Bear with me on this one, okay? I’ve got to provide a little context. For decades, people have been moved and inspired by the poem, “Footprints in the Sand.” Long attributed to “Anonymous,” authorship is now generally attributed to Mary Stevenson who penned the words in 1936 at the age of 14. You know the gist of the poem: a person has a dream about walking along the beach with Jesus. As scenes from past experiences flash before them, the individual notices that at times there are two sets of footprints in the sand, and at other times, most notably periods of great personal difficulty, there was only one set. The author was tempted to think that Jesus had abandoned them in these hours of trial, until the Lord offered this explanation: “The times when you have seen only one set of footprints in the sand is when I carried you.” It is a tender depiction of the Savior’s love and compassion for our “weary and heavy-laden” hearts and His willingness to do for us what we cannot do for ourselves.

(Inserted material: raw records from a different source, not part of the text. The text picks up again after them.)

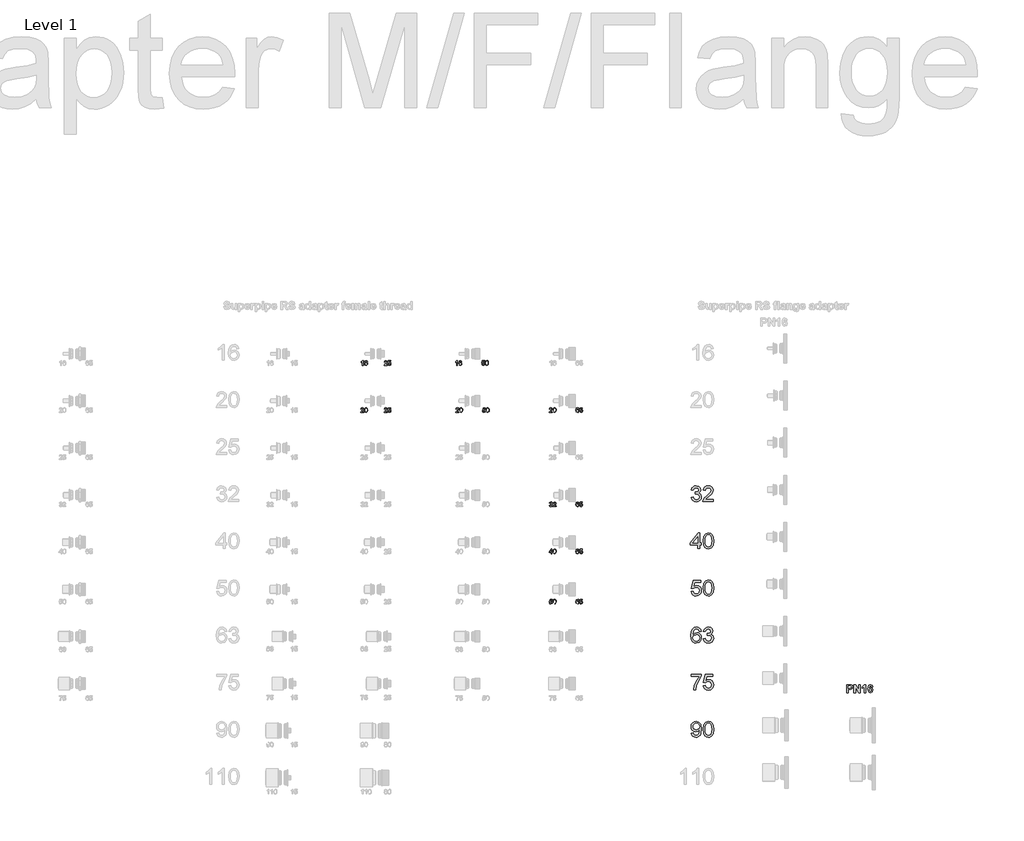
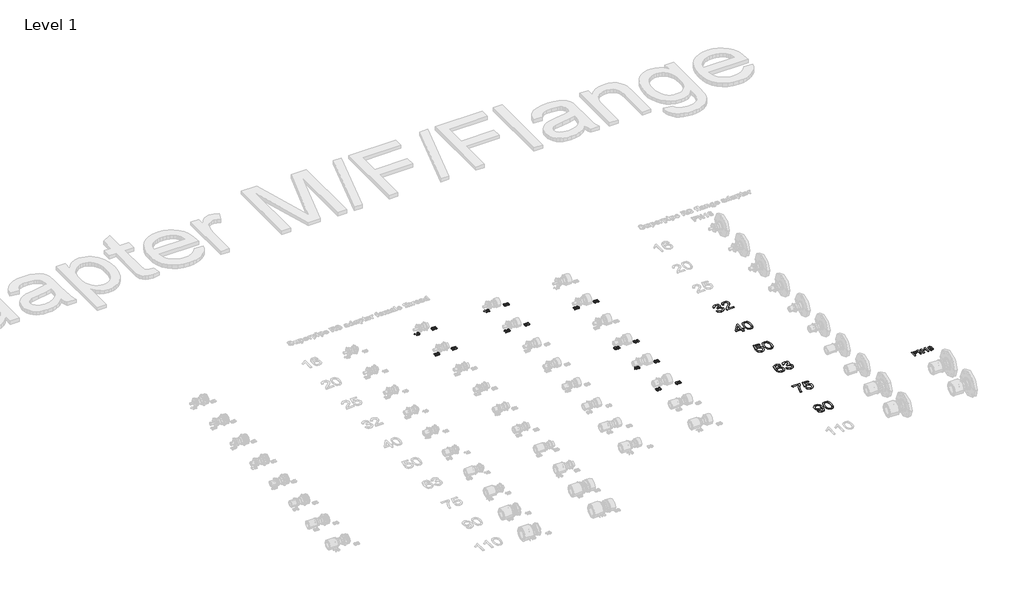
# One storey, part 48 of 58: 23 proxies.
"""IFC4 building model written with IfcOpenShell, lengths in millimetres."""

from ifc_helpers import new_model, si_unit, frame, origin, place, context, project, spatial, polyline, outline, extrude, element, save

model = new_model("IFC4")

# Units and contexts
model_context = context("Model", 3, world=origin())
ifc_project = project(units=[si_unit("LENGTHUNIT", "METRE", prefix="MILLI")], contexts=[model_context])

# Site, building, storey
site = spatial("IfcSite", under=ifc_project)
building = spatial("IfcBuilding", under=site)
storey = spatial("IfcBuildingStorey", under=building, Name="Level 1", Elevation=27.3876384)

# Proxies
placement = place(None, origin())
element("IfcBuildingElementProxy", 1, Name="100mm Arial", ObjectType="100mm Arial", at=placement, inside=storey, context=model_context, shape_type="SweptSolid", body=[
    extrude(outline(polyline([(34304.4814773, 17732.8797554), (34317.0385161, 17734.4493852), (34323.9669603, 17721.2301588), (34336.9286693, 17717.1834569), (34345.537108, 17718.5752771), (34352.1835093, 17722.7507378), (34357.8488921, 17736.5340498), (34352.2325603, 17749.5202843), (34337.9587389, 17754.6583695), (34329.1540964, 17753.2849434), (34330.552048, 17765.8419821), (34332.5631363, 17765.6948293), (34346.8124322, 17769.3000729), (34351.55811, 17773.8740723), (34353.1400025, 17780.3855837), (34348.5537403, 17790.2080329), (34336.7324655, 17794.0953193), (34324.764038, 17790.1712447), (34318.6081459, 17778.3990209), (34306.0511071, 17779.9686507), (34309.7483212, 17791.2442339), (34316.3272775, 17799.6626002), (34325.3281237, 17804.9049186), (34336.2910072, 17806.6523581), (34351.4354826, 17803.2065301), (34362.0304841, 17793.788751), (34365.6970413, 17781.1213477), (34362.2144251, 17769.5453275), (34351.9137292, 17761.2311944), (34365.5989394, 17752.6472812), (34370.4059308, 17736.3133206), (34368.0024351, 17724.0751129), (34360.791948, 17713.8479935), (34349.9087723, 17706.931812), (34336.4872109, 17704.6264181), (34324.347105, 17706.5945868), (34314.4633421, 17712.4990928), (34307.5900802, 17721.5305958), (34304.4814773, 17732.8797554)])), frame((0.0, 0.0, 27.3876384), z_axis=(0.0, 0.0, 1.0), x_axis=(1.0, 0.0, 0.0)), (0.0, 0.0, 1.0), 2.0),
    extrude(outline(polyline([(34445.7481635, 17718.7530867), (34445.7481635, 17706.196048), (34379.8237099, 17706.196048), (34381.1726106, 17714.8535376), (34388.8000306, 17728.1831285), (34404.5208545, 17742.7389928), (34426.2013668, 17763.6592156), (34431.6214948, 17777.8839861), (34426.5079351, 17789.3986925), (34413.1538187, 17794.0953193), (34399.2356165, 17789.5090571), (34393.9503785, 17776.829391), (34381.3933398, 17778.3990209), (34384.4375633, 17790.5452581), (34391.0195853, 17799.4173455), (34400.7960493, 17804.843605), (34413.4235988, 17806.6523581), (34426.1431188, 17804.6412699), (34435.9011887, 17798.6080052), (34442.1091974, 17789.5948963), (34444.1785336, 17778.6442756), (34441.9467162, 17766.7371616), (34434.5277626, 17754.4253775), (34416.538333, 17737.2207629), (34402.0928334, 17725.1419707), (34396.4274506, 17718.7530867), (34445.7481635, 17718.7530867)])), frame((0.0, 0.0, 27.3876384), z_axis=(0.0, 0.0, 1.0), x_axis=(1.0, 0.0, 0.0)), (0.0, 0.0, 1.0), 2.0),
])
element("IfcBuildingElementProxy", 2, Name="100mm Arial", ObjectType="100mm Arial", at=placement, inside=storey, context=model_context, shape_type="SweptSolid", body=[
    extrude(outline(polyline([(34345.2918533, 17406.196048), (34345.2918533, 17429.7404957), (34299.7725878, 17429.7404957), (34299.7725878, 17442.2975344), (34348.431113, 17505.0827283), (34357.8488921, 17505.0827283), (34357.8488921, 17442.2975344), (34370.4059308, 17442.2975344), (34370.4059308, 17429.7404957), (34357.8488921, 17429.7404957), (34357.8488921, 17406.196048), (34345.2918533, 17406.196048)]), holes=[polyline([(34345.2918533, 17442.2975344), (34345.2918533, 17481.0968222), (34315.2236316, 17442.2975344), (34345.2918533, 17442.2975344)])]), frame((0.0, 0.0, 27.3876384), z_axis=(0.0, 0.0, 1.0), x_axis=(1.0, 0.0, 0.0)), (0.0, 0.0, 1.0), 2.0),
    extrude(outline(polyline([(34381.3933398, 17455.6148627), (34385.0844224, 17484.5181247), (34396.0473059, 17501.1831791), (34414.3555665, 17506.6523581), (34429.0217954, 17503.4149966), (34439.150813, 17494.0830566), (34445.0369249, 17479.220624), (34447.3177933, 17455.6148627), (34443.6634988, 17426.8342279), (34432.7374036, 17410.1323853), (34424.5060439, 17406.0029099), (34414.3555665, 17404.6264181), (34401.3080184, 17407.0176511), (34391.39973, 17414.19135), (34383.8949373, 17431.1813668), (34381.3933398, 17455.6148627)]), holes=[polyline([(34393.9503785, 17455.6393881), (34395.4219065, 17435.8871907), (34399.8364905, 17424.4552577), (34406.4093154, 17419.0014071), (34414.3555665, 17417.1834569), (34422.3018176, 17419.0075385), (34428.8746426, 17424.4797831), (34433.2892265, 17435.9178475), (34434.7607545, 17455.6393881), (34433.3382775, 17474.9470615), (34429.0708463, 17486.4678993), (34422.5102841, 17492.1884643), (34414.2084137, 17494.0953193), (34406.3480018, 17492.4153249), (34400.0326942, 17487.3753416), (34395.4709574, 17475.1371339), (34393.9503785, 17455.6393881)])]), frame((0.0, 0.0, 27.3876384), z_axis=(0.0, 0.0, 1.0), x_axis=(1.0, 0.0, 0.0)), (0.0, 0.0, 1.0), 2.0),
])
element("IfcBuildingElementProxy", 3, Name="100mm Arial", ObjectType="100mm Arial", at=placement, inside=storey, context=model_context, shape_type="SweptSolid", body=[
    extrude(outline(polyline([(34304.4814773, 17132.8797554), (34317.0385161, 17134.4493852), (34323.3660864, 17121.5122017), (34336.4872109, 17117.1834569), (34345.488057, 17118.6887074), (34352.2325603, 17123.2044589), (34356.4448091, 17130.2095452), (34357.8488921, 17139.1828002), (34352.5881795, 17154.0942837), (34345.981632, 17158.196168), (34336.6834146, 17159.5634627), (34325.6592175, 17157.3806962), (34318.6081459, 17151.7153135), (34306.0511071, 17153.2849434), (34317.0385161, 17205.0827283), (34365.6970413, 17205.0827283), (34365.6970413, 17192.5256895), (34327.1920591, 17192.5256895), (34321.820982, 17164.8609635), (34330.7911713, 17170.305617), (34340.1905563, 17172.1205015), (34351.9229263, 17169.87029), (34361.6626021, 17163.1196554), (34368.2200987, 17152.8312222), (34370.4059308, 17139.9676151), (34368.4377622, 17127.4105764), (34362.5332561, 17116.6684221), (34351.2270162, 17107.6369191), (34336.43816, 17104.6264181), (34324.1049161, 17106.5608643), (34314.2794011, 17112.3642028), (34307.5440949, 17121.3619832), (34304.4814773, 17132.8797554)])), frame((0.0, 0.0, 27.3876384), z_axis=(0.0, 0.0, 1.0), x_axis=(1.0, 0.0, 0.0)), (0.0, 0.0, 1.0), 2.0),
    extrude(outline(polyline([(34381.3933398, 17155.6148627), (34385.0844224, 17184.5181247), (34396.0473059, 17201.1831791), (34414.3555665, 17206.6523581), (34429.0217954, 17203.4149966), (34439.150813, 17194.0830566), (34445.0369249, 17179.220624), (34447.3177933, 17155.6148627), (34443.6634988, 17126.8342279), (34432.7374036, 17110.1323853), (34424.5060439, 17106.0029099), (34414.3555665, 17104.6264181), (34401.3080184, 17107.0176511), (34391.39973, 17114.19135), (34383.8949373, 17131.1813668), (34381.3933398, 17155.6148627)]), holes=[polyline([(34393.9503785, 17155.6393881), (34395.4219065, 17135.8871907), (34399.8364905, 17124.4552577), (34406.4093154, 17119.0014071), (34414.3555665, 17117.1834569), (34422.3018176, 17119.0075385), (34428.8746426, 17124.4797831), (34433.2892265, 17135.9178475), (34434.7607545, 17155.6393881), (34433.3382775, 17174.9470615), (34429.0708463, 17186.4678993), (34422.5102841, 17192.1884643), (34414.2084137, 17194.0953193), (34406.3480018, 17192.4153249), (34400.0326942, 17187.3753416), (34395.4709574, 17175.1371339), (34393.9503785, 17155.6393881)])]), frame((0.0, 0.0, 27.3876384), z_axis=(0.0, 0.0, 1.0), x_axis=(1.0, 0.0, 0.0)), (0.0, 0.0, 1.0), 2.0),
])
element("IfcBuildingElementProxy", 4, Name="100mm Arial", ObjectType="100mm Arial", at=placement, inside=storey, context=model_context, shape_type="SweptSolid", body=[
    extrude(outline(polyline([(34368.836301, 16879.9686507), (34356.2792622, 16878.3990209), (34351.5213218, 16888.871395), (34338.9397575, 16894.0953193), (34327.6089921, 16891.0541615), (34319.0373416, 16879.6375569), (34315.4688862, 16857.2580689), (34326.5421343, 16867.2767219), (34340.2641327, 16870.5508717), (34351.8646783, 16868.3129229), (34361.6012884, 16861.5990764), (34368.2047702, 16851.3413001), (34370.4059308, 16838.4715617), (34366.261127, 16821.1443197), (34354.8567852, 16808.8815865), (34338.4001973, 16804.6264181), (34324.153967, 16807.4468468), (34312.8078731, 16815.9081326), (34305.3858539, 16830.8441416), (34302.9118475, 16853.0887396), (34305.6586997, 16878.0985839), (34313.8992564, 16895.1989653), (34325.1503141, 16903.7890099), (34339.7245724, 16906.6523581), (34350.7426382, 16904.8803932), (34359.5656747, 16899.5644983), (34365.7460922, 16891.1216066), (34368.836301, 16879.9686507)]), holes=[polyline([(34315.4688862, 16838.6677654), (34318.375154, 16827.7907211), (34326.1006759, 16819.8935209), (34337.4191786, 16817.1834569), (34345.7057205, 16818.5875398), (34352.2202975, 16822.7997887), (34356.4417434, 16829.4216646), (34357.8488921, 16838.0546288), (34356.4601375, 16846.3411707), (34352.2938739, 16852.659544), (34345.6689323, 16856.6602607), (34336.9041438, 16857.9938329), (34321.7106174, 16852.659544), (34317.029319, 16846.4944549), (34315.4688862, 16838.6677654)])]), frame((0.0, 0.0, 27.3876384), z_axis=(0.0, 0.0, 1.0), x_axis=(1.0, 0.0, 0.0)), (0.0, 0.0, 1.0), 2.0),
    extrude(outline(polyline([(34381.3933398, 16832.8797554), (34393.9503785, 16834.4493852), (34400.8788228, 16821.2301588), (34413.8405317, 16817.1834569), (34422.4489704, 16818.5752771), (34429.0953718, 16822.7507378), (34434.7607545, 16836.5340498), (34429.1444227, 16849.5202843), (34414.8706013, 16854.6583695), (34406.0659589, 16853.2849434), (34407.4639105, 16865.8419821), (34409.4749987, 16865.6948293), (34423.7242947, 16869.3000729), (34428.4699724, 16873.8740723), (34430.051865, 16880.3855837), (34425.4656028, 16890.2080329), (34413.644328, 16894.0953193), (34401.6759004, 16890.1712447), (34395.5200084, 16878.3990209), (34382.9629696, 16879.9686507), (34386.6601837, 16891.2442339), (34393.23914, 16899.6626002), (34402.2399862, 16904.9049186), (34413.2028696, 16906.6523581), (34428.3473451, 16903.2065301), (34438.9423465, 16893.788751), (34442.6089038, 16881.1213477), (34439.1262875, 16869.5453275), (34428.8255917, 16861.2311944), (34442.5108019, 16852.6472812), (34447.3177933, 16836.3133206), (34444.9142976, 16824.0751129), (34437.7038105, 16813.8479935), (34426.8206348, 16806.931812), (34413.3990733, 16804.6264181), (34401.2589675, 16806.5945868), (34391.3752046, 16812.4990928), (34384.5019426, 16821.5305958), (34381.3933398, 16832.8797554)])), frame((0.0, 0.0, 27.3876384), z_axis=(0.0, 0.0, 1.0), x_axis=(1.0, 0.0, 0.0)), (0.0, 0.0, 1.0), 2.0),
])
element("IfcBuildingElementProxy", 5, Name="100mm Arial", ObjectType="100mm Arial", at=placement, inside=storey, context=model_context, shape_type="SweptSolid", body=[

But, what about those times when we should have grown strong enough and mature enough to walk on our own, but kept insisting that we be carried? I suppose this question is what inspired(?) someone to write the following. I offer it for your edification or amusement, whichever one you are in most need of today.

(Author Unknown)

One night I had a wondrous dream,
One set of footprints there was seen,
The footprints of my precious Lord,
But mine were not along the shore.

But then some stranger prints appeared,
And I asked the Lord, “What have we here?
Those prints are large and round and neat,
But Lord, they are too big for feet.”

“My child,” He said in somber tones,
“For miles I carried you alone.
I challenged you to walk in faith,
But you refused and made me wait.”

“You disobeyed, you would not grow,
The walk of faith, you would not know,
So I got tired, I got fed up,
And there I dropped you on your butt.”

Because in life, there comes a time,
When one must fight, and one must climb,
When one must rise and take a stand,
Or leave their butt prints in the sand.”